Which lines in the records below contain the word "GSSL"? Report each of them.

§ Dataset entries
● ● ●
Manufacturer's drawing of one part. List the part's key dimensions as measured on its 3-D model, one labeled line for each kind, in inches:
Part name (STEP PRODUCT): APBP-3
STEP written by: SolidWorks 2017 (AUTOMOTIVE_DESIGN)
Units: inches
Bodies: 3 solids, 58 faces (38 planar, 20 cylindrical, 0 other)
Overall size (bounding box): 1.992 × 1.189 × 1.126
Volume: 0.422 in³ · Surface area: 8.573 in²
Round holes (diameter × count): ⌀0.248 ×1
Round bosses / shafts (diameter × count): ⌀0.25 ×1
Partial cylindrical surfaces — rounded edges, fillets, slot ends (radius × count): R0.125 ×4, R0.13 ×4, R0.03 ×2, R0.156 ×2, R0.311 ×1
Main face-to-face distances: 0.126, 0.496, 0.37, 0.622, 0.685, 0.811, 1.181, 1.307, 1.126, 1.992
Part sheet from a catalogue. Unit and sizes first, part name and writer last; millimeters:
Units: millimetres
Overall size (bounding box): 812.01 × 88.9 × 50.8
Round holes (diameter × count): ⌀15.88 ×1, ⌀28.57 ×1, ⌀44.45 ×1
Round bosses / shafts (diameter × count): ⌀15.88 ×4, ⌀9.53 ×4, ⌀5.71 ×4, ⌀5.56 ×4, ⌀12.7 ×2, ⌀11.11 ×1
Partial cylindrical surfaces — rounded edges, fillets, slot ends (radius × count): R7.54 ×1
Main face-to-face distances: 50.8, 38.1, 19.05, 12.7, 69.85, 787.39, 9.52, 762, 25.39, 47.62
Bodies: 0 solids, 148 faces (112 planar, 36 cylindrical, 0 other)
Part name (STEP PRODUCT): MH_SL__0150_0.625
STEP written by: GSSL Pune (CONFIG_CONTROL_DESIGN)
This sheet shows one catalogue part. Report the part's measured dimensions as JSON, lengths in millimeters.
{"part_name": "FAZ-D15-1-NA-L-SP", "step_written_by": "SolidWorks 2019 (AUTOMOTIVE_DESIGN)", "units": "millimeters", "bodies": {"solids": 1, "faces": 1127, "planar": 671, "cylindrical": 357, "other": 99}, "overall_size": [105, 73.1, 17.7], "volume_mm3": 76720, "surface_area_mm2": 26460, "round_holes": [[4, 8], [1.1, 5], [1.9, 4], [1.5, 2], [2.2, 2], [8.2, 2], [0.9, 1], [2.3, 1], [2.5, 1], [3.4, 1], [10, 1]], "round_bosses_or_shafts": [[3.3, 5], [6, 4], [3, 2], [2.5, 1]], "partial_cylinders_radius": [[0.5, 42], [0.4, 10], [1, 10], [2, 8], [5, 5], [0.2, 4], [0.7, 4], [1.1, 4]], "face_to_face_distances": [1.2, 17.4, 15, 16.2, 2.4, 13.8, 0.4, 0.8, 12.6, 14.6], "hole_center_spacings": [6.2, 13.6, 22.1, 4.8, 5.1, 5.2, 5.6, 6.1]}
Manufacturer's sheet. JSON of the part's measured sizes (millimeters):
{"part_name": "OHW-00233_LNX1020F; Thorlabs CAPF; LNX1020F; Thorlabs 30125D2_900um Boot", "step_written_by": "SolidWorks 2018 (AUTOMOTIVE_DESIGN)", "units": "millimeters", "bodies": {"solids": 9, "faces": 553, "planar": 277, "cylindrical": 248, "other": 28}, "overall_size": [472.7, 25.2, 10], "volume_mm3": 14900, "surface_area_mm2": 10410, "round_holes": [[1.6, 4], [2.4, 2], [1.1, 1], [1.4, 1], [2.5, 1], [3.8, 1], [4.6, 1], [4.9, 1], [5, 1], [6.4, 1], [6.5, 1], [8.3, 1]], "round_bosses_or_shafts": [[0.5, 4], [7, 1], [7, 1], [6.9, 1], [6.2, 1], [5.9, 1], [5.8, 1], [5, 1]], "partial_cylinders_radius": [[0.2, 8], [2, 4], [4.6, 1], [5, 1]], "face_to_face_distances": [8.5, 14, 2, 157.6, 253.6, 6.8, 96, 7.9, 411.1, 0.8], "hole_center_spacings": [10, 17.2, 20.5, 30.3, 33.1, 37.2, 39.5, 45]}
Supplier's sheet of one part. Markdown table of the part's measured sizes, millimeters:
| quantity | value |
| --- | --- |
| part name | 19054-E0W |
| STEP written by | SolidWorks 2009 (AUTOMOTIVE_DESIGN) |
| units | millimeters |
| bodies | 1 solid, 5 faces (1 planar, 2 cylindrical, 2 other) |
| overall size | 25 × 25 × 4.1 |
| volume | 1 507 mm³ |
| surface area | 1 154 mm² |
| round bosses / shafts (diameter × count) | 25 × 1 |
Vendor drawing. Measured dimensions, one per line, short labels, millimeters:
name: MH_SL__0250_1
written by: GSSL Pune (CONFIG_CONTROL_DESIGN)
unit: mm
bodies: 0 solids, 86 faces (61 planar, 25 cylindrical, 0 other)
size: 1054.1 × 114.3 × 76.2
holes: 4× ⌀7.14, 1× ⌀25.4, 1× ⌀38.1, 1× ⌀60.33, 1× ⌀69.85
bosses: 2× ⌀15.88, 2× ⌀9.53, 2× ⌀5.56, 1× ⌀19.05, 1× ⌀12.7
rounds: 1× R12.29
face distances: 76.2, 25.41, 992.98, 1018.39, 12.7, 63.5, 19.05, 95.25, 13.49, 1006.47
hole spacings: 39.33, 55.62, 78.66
● ● ●
§ Answer to the problem
STEP written by: GSSL Pune (CONFIG_CONTROL_DESIGN)
written by: GSSL Pune (CONFIG_CONTROL_DESIGN)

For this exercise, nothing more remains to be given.